What's behind the overspending on cloud services?
A recent study tries to determine why and how organizations end up paying too much for cloud services.
Although cost savings is often cited as a potential benefit to moving to the cloud, once organizations have migrated, they often find achieving that savings to be easier said than done, according to migration analytics firm TSO Logic. Attempts to control spending are often stymied by cloud service providers' complex billing models, constantly changing service offerings and increasingly decentralized cloud usage patterns.
In its December report, TSO Logic argued that cloud waste begins even before the migration. Because the vast majority of on-premises workloads (84 percent) are already over-provisioned, TSO Logic said, a like-for-like migration of those workloads to the cloud -- without any configuration changes -- only results in continued wasted spend.
"Some workloads may be in use 100% of the time, some may be in use just 10% of the time. Some may reflect 5% utilization for 29 days per month, but 100% peak utilization at month's end. Organizations need to understand how they are truly utilizing each workload to accurately evaluate cloud options," the researchers said in the report.
TSO Logic recommends that organizations take the time to "right-size" their workloads for the cloud, and take advantage of the many different size options on offer from cloud megavendors like Amazon Web Services (AWS) and Microsoft Azure. Otherwise, they risk missing out on the cloud's promise of significant cost-savings.
"Organizations have tried to manually map their current environments to cloud, yet accelerated change and the sheer number of cloud compute options make that impossible now," said Aaron Rallo, CEO of TSO Logic, in a prepared statement.

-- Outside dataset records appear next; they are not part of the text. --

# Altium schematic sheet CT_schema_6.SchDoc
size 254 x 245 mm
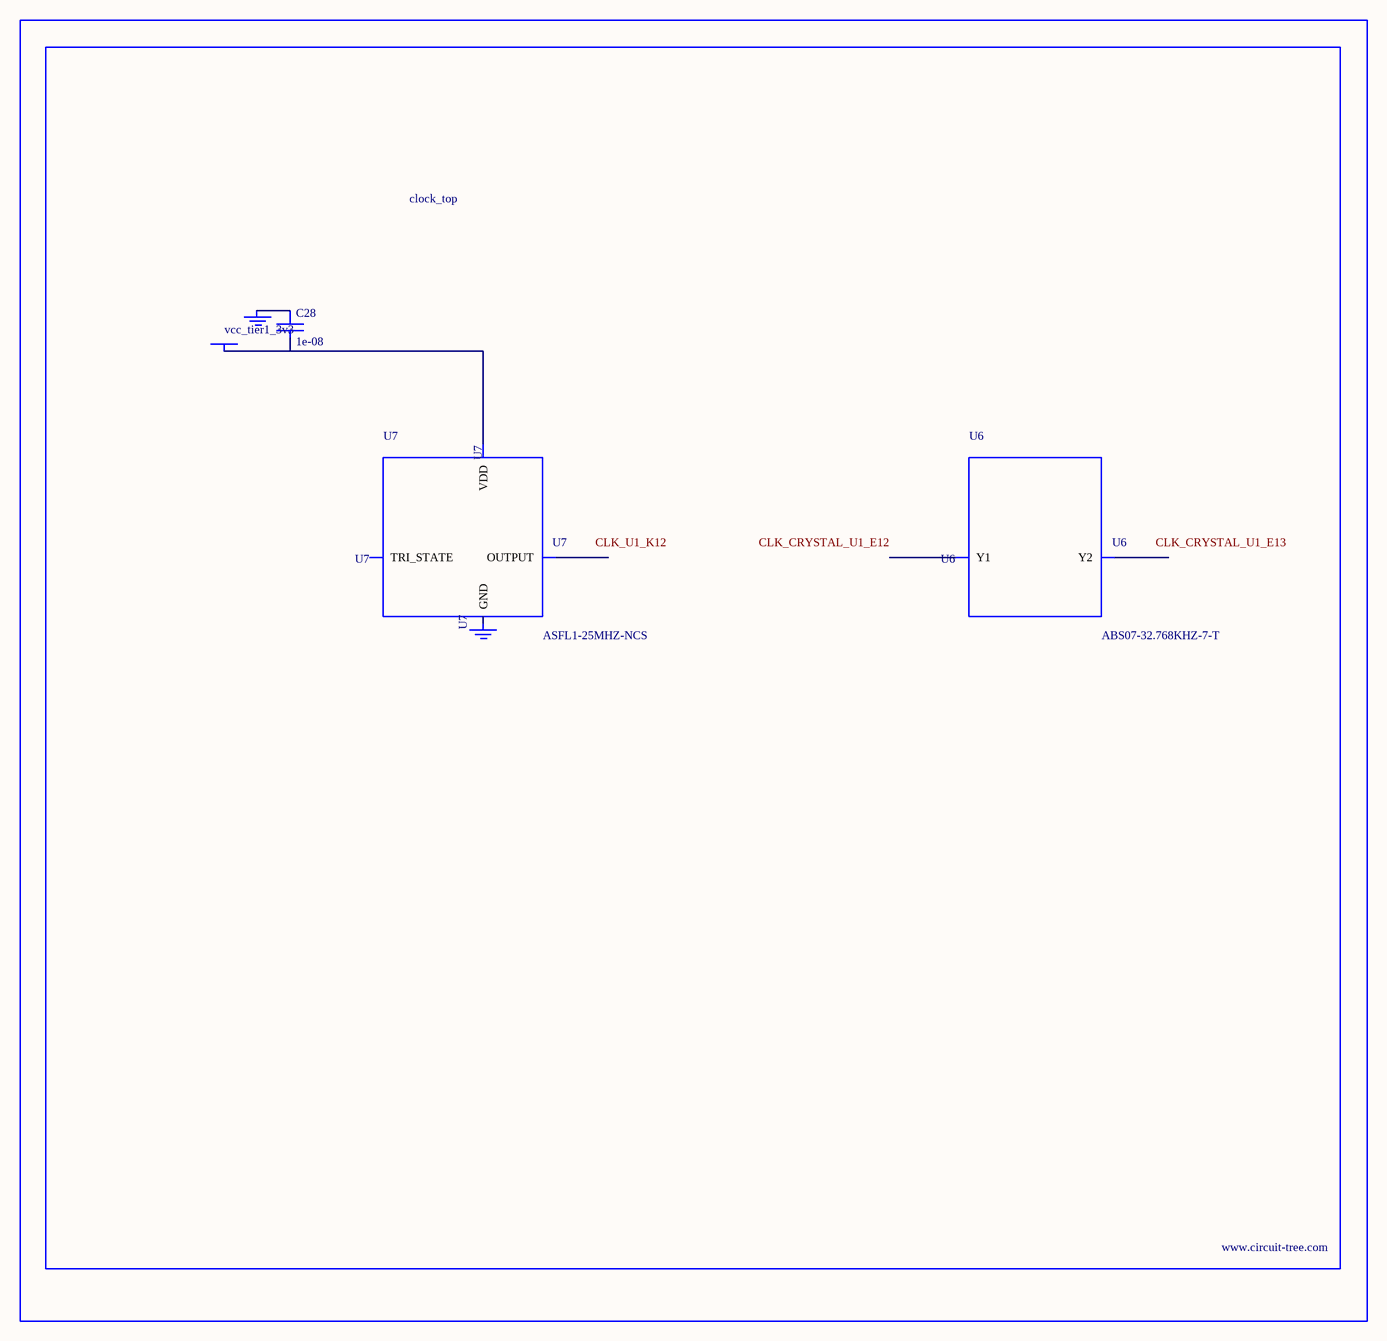
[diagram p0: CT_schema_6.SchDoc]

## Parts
BORDER5  (no value)
C28  1e-08  [C0402]
GND_INSTANCE_5_0  (no value)
GND_INSTANCE_5_1  (no value)
POWER_INSTANCE_5_0  vcc_tier1_3v3
U6  ABS07-32.768KHZ-7-T  [ABS07-32.768KHZ-7-T]
U7  ASFL1-25MHZ-NCS  [ASFL1]

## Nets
NetC28_1: C28.1 GND_INSTANCE_5_0.0(GND)
NetC28_2: C28.2 POWER_INSTANCE_5_0.0(PWR) U7.4(VDD)

Not connected (* = marked no-connect by the designer): GND_INSTANCE_5_1 0(GND); U6 1(Y1) 2(Y2); U7 1(TRI_STATE) 2(GND) 3(OUTPUT)

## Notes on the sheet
- Labels drawn without touching a wire or pin: CLK_CRYSTAL_U1_E12, CLK_CRYSTAL_U1_E13, CLK_U1_K12

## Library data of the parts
BORDER5 = BORDER_PAGE5
C28 = C0402C103K3RAC
GND_INSTANCE_5_0 GND_INSTANCE_5_1 = GND
POWER_INSTANCE_5_0 = PWR

Besides the over-provisioning issue, TSO Logic noted that businesses that undertake "direct match" migrations to the cloud often do so based on two other incorrect assumptions -- first, that giant cloud vendors like AWS and Azure run the same type of hardware as they do, and second, that these megavendors don't enjoy significant economies of scale.
Regarding that first point, TSO Logic pointed out that public cloud vendors typically have much newer hardware than what a lot of businesses currently have on-premises. That hardware advantage means cloud providers can often provide better and faster performance at lower costs -- as long as businesses don't insist on maintaining the same exact configurations in the cloud that they used on-premises.
"The older the hardware in the current environment, the more economical cloud becomes," the researchers said. For example, migrating 2012-era servers to more modern hardware in the cloud could slash costs by about 50 percent, according to the study. The savings is even more pronounced -- 70 percent -- when migrating 2009-era servers.
The second incorrect assumption, related to cloud vendors' economies of scale, is tied to the first. The cost of operating these newer-generation servers en masse is much more economical for cloud megavendors than it would be to run them individually inside a single organization's datacenter. The savings from using these newer hardware configurations in the cloud could potentially be passed down to customers, if they know to take advantage of the correct configurations.
"Considering that large public cloud providers use the latest-generation hardware, and receive bulk pricing for that hardware at massive scales, cloud providers are inherently positioned to deliver superior price/performance than most organizations can achieve on their own," the researchers wrote. "To realize those savings, however, organizations must be able to map current workloads to future cloud offerings."
Gladys Rama is the site editor for RCPmag.com.